* **Dataset items**
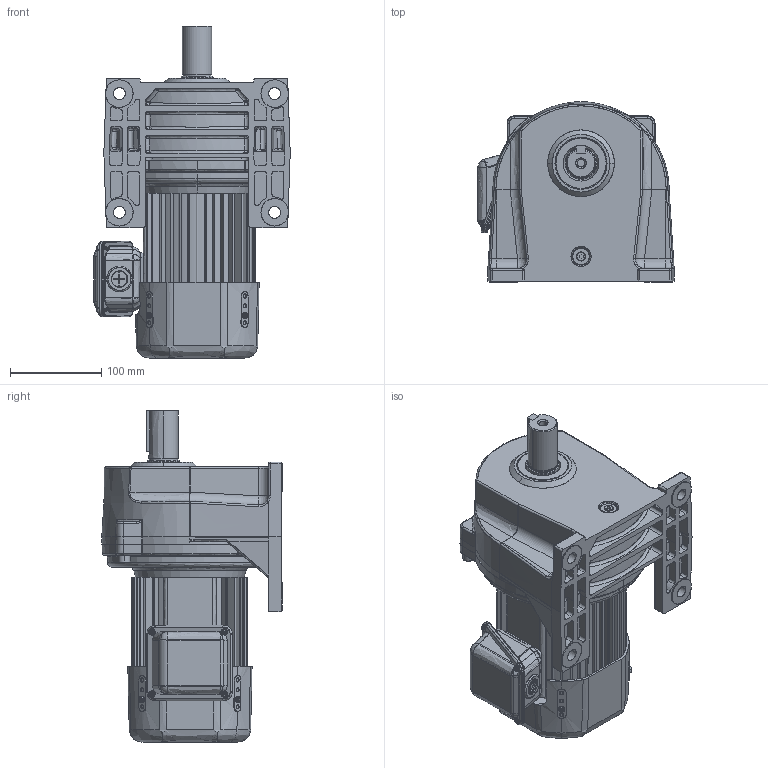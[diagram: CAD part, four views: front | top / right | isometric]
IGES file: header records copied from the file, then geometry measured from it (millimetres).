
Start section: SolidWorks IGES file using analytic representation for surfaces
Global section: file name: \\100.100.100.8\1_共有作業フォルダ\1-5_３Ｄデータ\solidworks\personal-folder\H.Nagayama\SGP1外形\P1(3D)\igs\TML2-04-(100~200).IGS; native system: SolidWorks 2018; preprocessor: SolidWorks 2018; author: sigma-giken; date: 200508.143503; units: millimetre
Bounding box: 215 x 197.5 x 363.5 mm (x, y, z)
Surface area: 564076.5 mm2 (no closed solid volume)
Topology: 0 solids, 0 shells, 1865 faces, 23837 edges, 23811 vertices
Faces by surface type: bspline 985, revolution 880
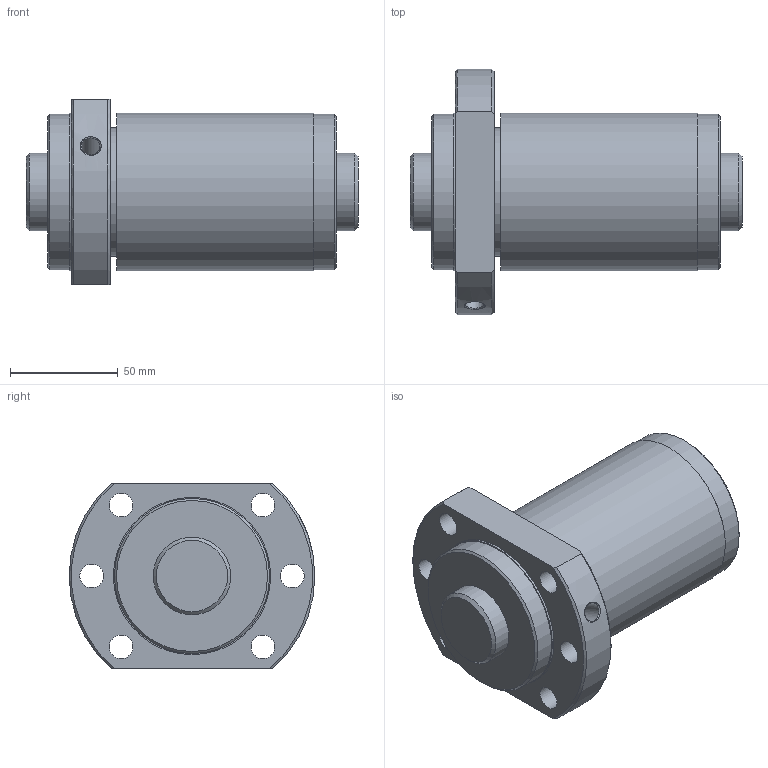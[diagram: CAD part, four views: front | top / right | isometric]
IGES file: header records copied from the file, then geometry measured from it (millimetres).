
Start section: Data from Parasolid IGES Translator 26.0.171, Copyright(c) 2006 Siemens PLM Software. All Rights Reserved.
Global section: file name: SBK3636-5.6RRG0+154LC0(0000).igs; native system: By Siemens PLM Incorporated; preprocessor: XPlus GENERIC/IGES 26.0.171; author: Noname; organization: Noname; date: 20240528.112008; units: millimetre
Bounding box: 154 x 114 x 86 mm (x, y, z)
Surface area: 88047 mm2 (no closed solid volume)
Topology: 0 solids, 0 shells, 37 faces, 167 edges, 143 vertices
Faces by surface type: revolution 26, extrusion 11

* **THE PROBLEM**
The records are to be returned verbatim. Skip any picture they contain.

* **TASK RESULT**
[diagram: CAD part, four views: front | top / right | isometric]
IGES file: header records copied from the file, then geometry measured from it (millimetres).
Start section: SolidWorks IGES file using analytic representation for surfaces
Global section: file name: \\100.100.100.8\1_共有作業フォルダ\1-5_３Ｄデータ\solidworks\personal-folder\H.Nagayama\SGP1外形\P1(3D)\igs\TML2-04-(100~200).IGS; native system: SolidWorks 2018; preprocessor: SolidWorks 2018; author: sigma-giken; date: 200508.143503; units: millimetre
Bounding box: 215 x 197.5 x 363.5 mm (x, y, z)
Surface area: 564076.5 mm2 (no closed solid volume)
Topology: 0 solids, 0 shells, 1865 faces, 23837 edges, 23811 vertices
Faces by surface type: bspline 985, revolution 880
[diagram: CAD part, four views: front | top / right | isometric]
IGES file: header records copied from the file, then geometry measured from it (millimetres).
Start section: Data from Parasolid IGES Translator 26.0.171, Copyright(c) 2006 Siemens PLM Software. All Rights Reserved.
Global section: file name: SBK3636-5.6RRG0+154LC0(0000).igs; native system: By Siemens PLM Incorporated; preprocessor: XPlus GENERIC/IGES 26.0.171; author: Noname; organization: Noname; date: 20240528.112008; units: millimetre
Bounding box: 154 x 114 x 86 mm (x, y, z)
Surface area: 88047 mm2 (no closed solid volume)
Topology: 0 solids, 0 shells, 37 faces, 167 edges, 143 vertices
Faces by surface type: revolution 26, extrusion 11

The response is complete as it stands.